In software, internationalization, or i18n, deals with the adaptation of software to various languages and customs used throughout the world. Since ITK is used world-wide for biomedical imaging, segmentation and registration, it is important that itk applications produce consistent results regardless of the regional differences.

Wikipedia describes four areas to consider for i18n software engineering: Language, Culture, Writing Conventions and Regulatory Compliance. Language issues and writing conventions have the biggest impact in itk.

Language Issues

Computer encoded text is an important i18n issue since it affects the internal representation of strings. Since itk has no user interface components, the primary i18n impact is on filenames.

Writing Conventions

Writing conventions affect date/time formats, time zones and how numbers are formatted. Number format is critical to itk applications since many file formats contain numbers in their headers. These number represent critical image information such as origin, spacing and direction. If they are improperly decoded or encoded, incorrect image information may be produced. For example, it the spacing of an image is stored as 1.7, a change in the locale of an application could interpret 1.7 as 1.0, since many regions of the world use "," as a separator rather than ".". This is not a theoretical problem. Here is a recent (edited) question on the vtk users mailing list:

This looks weird to me. Spacing of vtkDICOMImageReader depends on
whether I use wx or not.

Can anyone reproduce?

It fails in vtk-5.2.1 and vtk-5.4.2 on linux, python-2.6.2 and wxpython-2.8.10.1
It works ok in XP with python-2.5.2, vtk-5.2.0 and wx-2.8.7.1
...
$ ./test2.py   -- with wx
(0, 511, 0, 511, 0, 370)
(0.0, 0.0, 0.0)

$ ./test3.py  -- without wx
(0, 511, 0, 511, 0, 370)
(0.48828125, 0.48828125, 0.329986572265625)

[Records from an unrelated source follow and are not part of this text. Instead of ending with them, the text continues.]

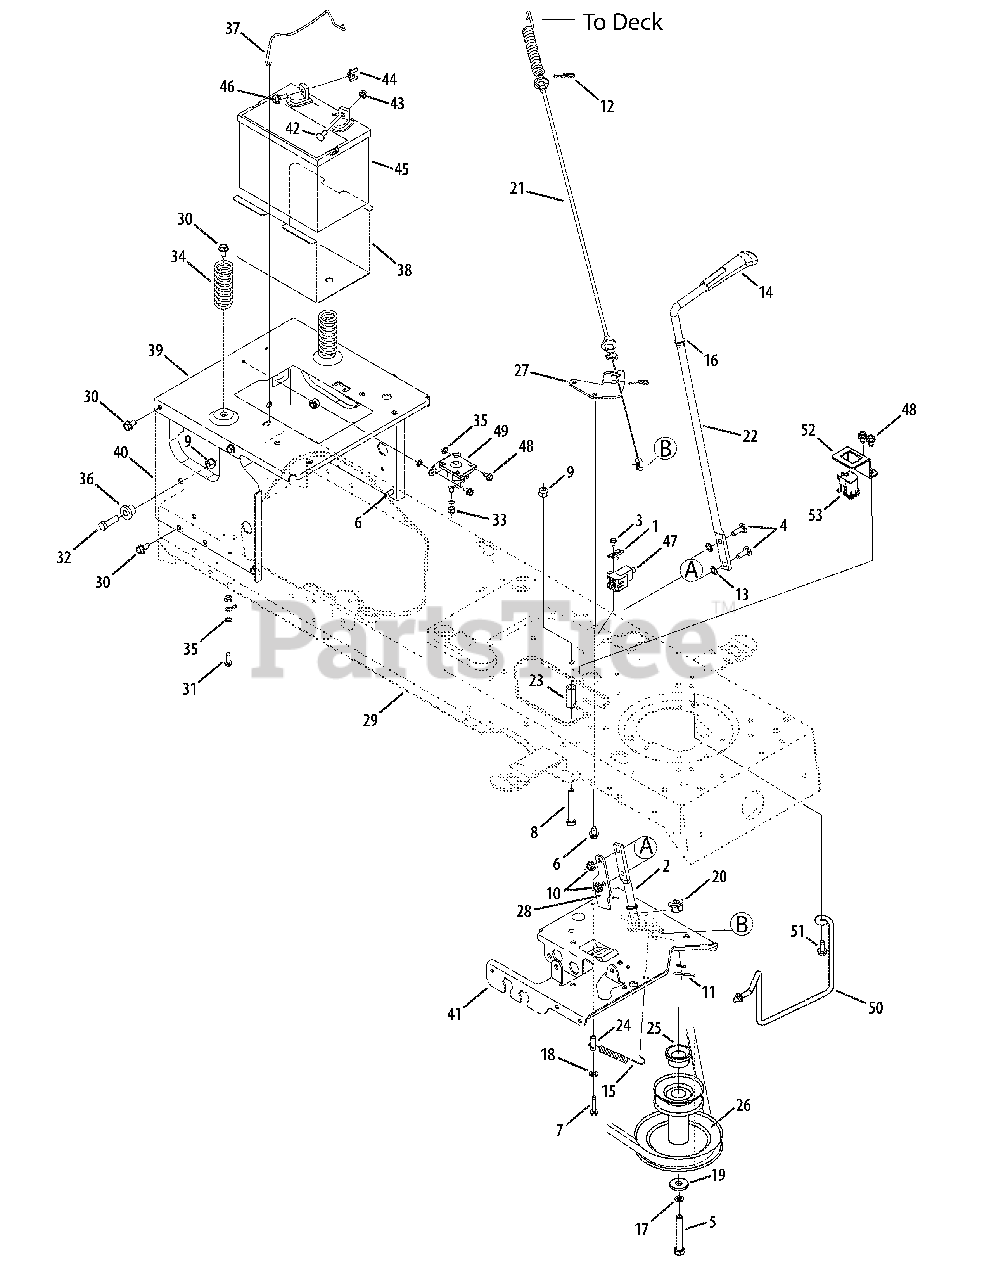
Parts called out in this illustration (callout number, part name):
1	Plate, Switch
2	Lever Assembly, Engagement
3	Screw, #10-16, 0.500
4	Screw, Carriage, 5/16-18, 1.00
5	Screw, 7/16-20, 3.25 42" Deck
6	Screw, 5/16-18, 0.500
7	Screw, 1/4-20 x 1.50
8	Screw, 3/8-16 x 2.25
9	Nut, Flange Lock, 3/8-16, GrF
10	Nut, Flange Lock, 5/16-18, Gr5
11	Pin, Cotter, 1/8 x 1.00
12	Click Pin
13	Nut, Speed, .3125 ID
15	Extension Spring, .38 OD x 3.9 Lg
16	Washer, Flat, .510 x .750 x .033
17	Washer, Lock, 7/16
18	Washer, Flat, .28 x .74 x .063
19	Washer, Flat, .450 x1.250 x.164
20	Bearing, Flange, Hex Split .500 ID
21	Deck Engagement Cable
22	Engagement Handle, Deck
23	Spacer, .385 ID x .635 OD x 1.54
24	Spacer, .260 x .372 x 1.030 Lg.
25	Spacer, 1.010 x 1.40 x .825
26	Pulley, Engine, 42" Deck
27	Cable Bracket
28	Stop Bracket, Engagement
29	Frame Assembly, Lower
30	Screw, 5/16-18 x 0.625
31	Screw, 1/4-20, 0.750
32	Screw, 3/8-16, 1.25, Gr5
33	Nut, Flange Lock, 1/4-20, GrF
34	Spring, Compr., 1.71 x 3.735 x .238
35	Washer, Lock, 1/4, External
36	Spacer, Shoulder, .38 x 1.0 x .70
37	Hold Rod, Battery
39	Seat Bracket, Frame
41	Support Bracket, Steering
42	Hex Head Flange Screw
43	Nut, Sems, 1/4-20
44	Nut, Wing, 1/4-20
45	Battery, 245 CCA
46	Screw, Shoulder, .250 x .150
47	Switch, Interlock
48	Screw, 1/4-20, 0.50
49	Solenoid, 12V, 100 Amp
50	Belt Keeper Rod Assembly 42" Deck
51	Screw, 5/16-18, .750 42" Deck
52	Parking Brake Switch Bracket
53	Snap Mount Switch

a later post brings light on the issue:

DICOMParser is using internally sscanf to decode the spacing. It
fails to work when LC_NUMERIC is not compatible with "C" style. I
believe by default GTK (underlying implementation of wx on linux) sets
the LC_NUMERIC corresponding to your locales.

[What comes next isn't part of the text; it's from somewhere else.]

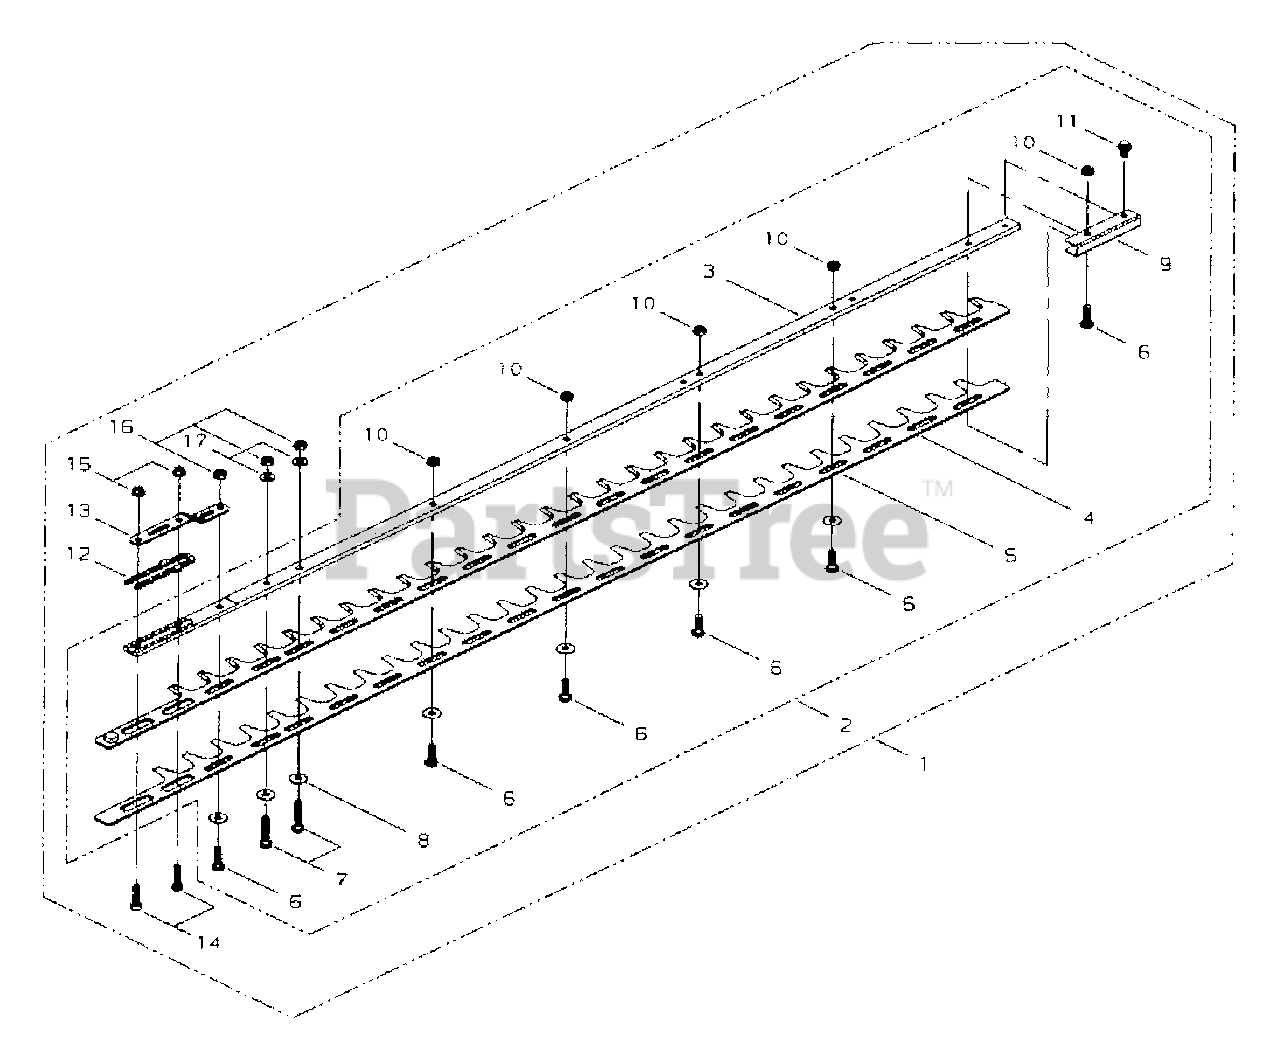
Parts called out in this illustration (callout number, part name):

So, the application made a global change to the way numeric values are interpreted. itk needs to protect against these global changes.

I18N and ITK

As of release 3.16, itk does not have facilities to handle non-ascii filenames or numeric decimal character variations. A recent experiment shows that if the default locale is changed to "french", 49 out of 240 tests fail in Testing/Code/IO. There are two efforts to resolve these issues and move itk towards being a robust i18n toolkit.

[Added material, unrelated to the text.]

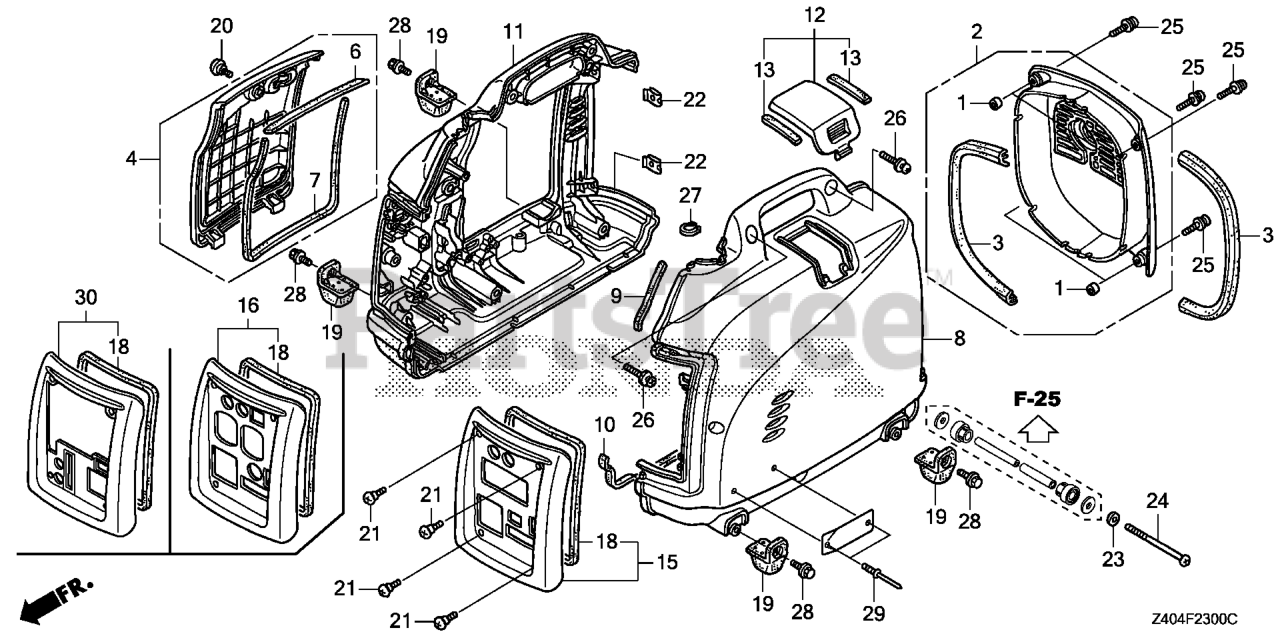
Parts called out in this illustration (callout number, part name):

  1. Unicode filenames and I/O.
  2. Locale management

Approaches to Handle Non-Ascii Filenames

Approaches to Handle Regional Numeric Encoding

Both C and C++ provide mechanisms to deal with number encoding (as well as other issues such as time/date). C locale changes affect calls to sscanf, printf, and atof. C++ locale changes can be applied to individual streams.